A new issue/bug headed up since I tried to use some mod.
As I see, the modded weapons and some clothing items.
The problem is the textures are changed without any reason I can imagine.
Until this, Im played with many mods without any problem.

Tried to unstick all the mod in Fallout 3 Mod Manager, enter & save the game, then get those modded/added items back, but the issue/bug was still there.

There is one thing i should try yet. But I need to know what files are inside the Fallout3/Data folder. Becouse i can try delete all the Textures, Meshes, etc. folders and re-place the files one by one at a mod. I just dont know what was originally there... I wont delete any basic file...


Its on Microsoft Windows XP SP3 (Dont mind on the desktop, I just miss my office mac:heartlove)


----------



## Phædrus241 (Mar 28, 2009)

Try removing (renaming, deleting, moving, whatever) the texture and mesh files the new weapon mods added, and remove them from the archiveinvalidation file (if you aren't using archiveinvalidationinvalidated). That should force it to use the game's original textures and meshes. Then you can reinstall the mods and see if they work then.


EDIT: the game's original texture/mesh files are hidden and cannot be deleted unless you specifically use super user privileges to do so.


----------



## RoyalPredator (Sep 23, 2009)

Whats this "archiveinvalidation" ?
As I remember, a mod uset this. I activated becouse it said, and dectivated when i saw the issue, after the exit.

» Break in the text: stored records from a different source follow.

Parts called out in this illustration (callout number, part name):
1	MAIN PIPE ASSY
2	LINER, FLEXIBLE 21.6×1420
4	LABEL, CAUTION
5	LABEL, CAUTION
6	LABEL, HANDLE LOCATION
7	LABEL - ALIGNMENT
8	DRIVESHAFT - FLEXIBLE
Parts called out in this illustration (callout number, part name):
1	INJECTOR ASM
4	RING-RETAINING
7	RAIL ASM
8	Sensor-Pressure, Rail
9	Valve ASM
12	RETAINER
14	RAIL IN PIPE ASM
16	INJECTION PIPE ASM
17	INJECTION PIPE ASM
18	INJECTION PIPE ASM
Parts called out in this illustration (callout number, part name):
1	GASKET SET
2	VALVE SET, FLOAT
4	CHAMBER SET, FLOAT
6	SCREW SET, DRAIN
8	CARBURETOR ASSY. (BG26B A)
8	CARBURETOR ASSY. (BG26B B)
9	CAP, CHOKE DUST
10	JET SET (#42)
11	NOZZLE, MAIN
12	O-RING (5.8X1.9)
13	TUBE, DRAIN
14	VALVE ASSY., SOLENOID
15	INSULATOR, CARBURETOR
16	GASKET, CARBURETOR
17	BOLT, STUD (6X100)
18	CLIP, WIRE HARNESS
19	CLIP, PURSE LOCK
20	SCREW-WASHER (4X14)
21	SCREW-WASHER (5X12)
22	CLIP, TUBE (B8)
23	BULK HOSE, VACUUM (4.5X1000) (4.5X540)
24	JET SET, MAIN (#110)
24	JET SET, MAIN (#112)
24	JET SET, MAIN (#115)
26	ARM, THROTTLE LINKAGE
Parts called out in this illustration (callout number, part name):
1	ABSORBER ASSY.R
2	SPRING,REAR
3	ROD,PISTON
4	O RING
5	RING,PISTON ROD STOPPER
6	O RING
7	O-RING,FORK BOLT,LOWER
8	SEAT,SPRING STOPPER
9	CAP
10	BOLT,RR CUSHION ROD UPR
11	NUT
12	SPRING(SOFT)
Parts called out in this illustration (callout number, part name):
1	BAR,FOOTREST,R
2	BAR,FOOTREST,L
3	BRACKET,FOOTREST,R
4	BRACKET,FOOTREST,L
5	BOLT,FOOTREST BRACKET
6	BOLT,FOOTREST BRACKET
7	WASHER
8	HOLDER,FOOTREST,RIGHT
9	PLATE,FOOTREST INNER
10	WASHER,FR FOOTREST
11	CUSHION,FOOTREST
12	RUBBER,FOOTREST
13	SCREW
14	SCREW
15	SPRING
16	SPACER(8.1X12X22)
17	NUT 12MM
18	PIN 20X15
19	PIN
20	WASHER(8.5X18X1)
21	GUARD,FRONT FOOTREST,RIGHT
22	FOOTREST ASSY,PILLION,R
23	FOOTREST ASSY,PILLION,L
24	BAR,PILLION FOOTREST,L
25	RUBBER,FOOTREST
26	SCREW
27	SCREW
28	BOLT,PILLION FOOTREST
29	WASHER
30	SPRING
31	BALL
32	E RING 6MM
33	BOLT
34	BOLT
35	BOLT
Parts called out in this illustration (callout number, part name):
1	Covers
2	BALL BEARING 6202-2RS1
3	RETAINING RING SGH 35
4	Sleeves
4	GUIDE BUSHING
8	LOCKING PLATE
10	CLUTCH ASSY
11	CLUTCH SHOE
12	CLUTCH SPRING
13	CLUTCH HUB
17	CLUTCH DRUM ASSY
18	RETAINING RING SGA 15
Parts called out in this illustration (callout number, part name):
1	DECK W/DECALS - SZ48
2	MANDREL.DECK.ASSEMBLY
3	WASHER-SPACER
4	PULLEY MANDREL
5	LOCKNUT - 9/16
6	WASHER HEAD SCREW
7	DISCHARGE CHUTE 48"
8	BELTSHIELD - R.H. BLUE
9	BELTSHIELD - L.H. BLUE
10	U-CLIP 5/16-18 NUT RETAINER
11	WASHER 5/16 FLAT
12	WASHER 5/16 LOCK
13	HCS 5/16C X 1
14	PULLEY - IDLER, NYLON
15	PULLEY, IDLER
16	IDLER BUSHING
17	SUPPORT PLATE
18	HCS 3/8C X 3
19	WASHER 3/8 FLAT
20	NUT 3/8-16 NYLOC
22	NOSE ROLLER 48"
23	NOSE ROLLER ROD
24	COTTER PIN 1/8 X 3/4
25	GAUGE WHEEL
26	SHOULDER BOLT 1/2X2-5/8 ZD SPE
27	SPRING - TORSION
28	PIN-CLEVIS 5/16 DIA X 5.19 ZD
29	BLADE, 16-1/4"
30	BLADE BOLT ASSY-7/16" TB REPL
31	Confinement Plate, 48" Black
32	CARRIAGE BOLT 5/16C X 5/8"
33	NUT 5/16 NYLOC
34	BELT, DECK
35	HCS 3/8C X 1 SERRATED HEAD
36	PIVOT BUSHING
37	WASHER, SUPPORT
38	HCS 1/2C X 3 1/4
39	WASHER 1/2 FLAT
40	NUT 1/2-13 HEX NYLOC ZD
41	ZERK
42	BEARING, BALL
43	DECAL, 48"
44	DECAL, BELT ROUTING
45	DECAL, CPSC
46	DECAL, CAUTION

Can you give me a direction where it is or what it is?.


----------



## McNinja (Jun 22, 2008)

I can see a potential conflict right away. You have the _Tactiacal weapons by Frederyck_ conflicting with the 5 other weapons on the list. Try not using the tatical weapon mod for now.


----------



## Phædrus241 (Mar 28, 2009)

Reactivate archiveinvalidationinvalidated, because otherwise you have to manually put the paths for the new texture and mesh files into the archiveinvalidation file.


----------



## Razor3510 (Feb 15, 2010)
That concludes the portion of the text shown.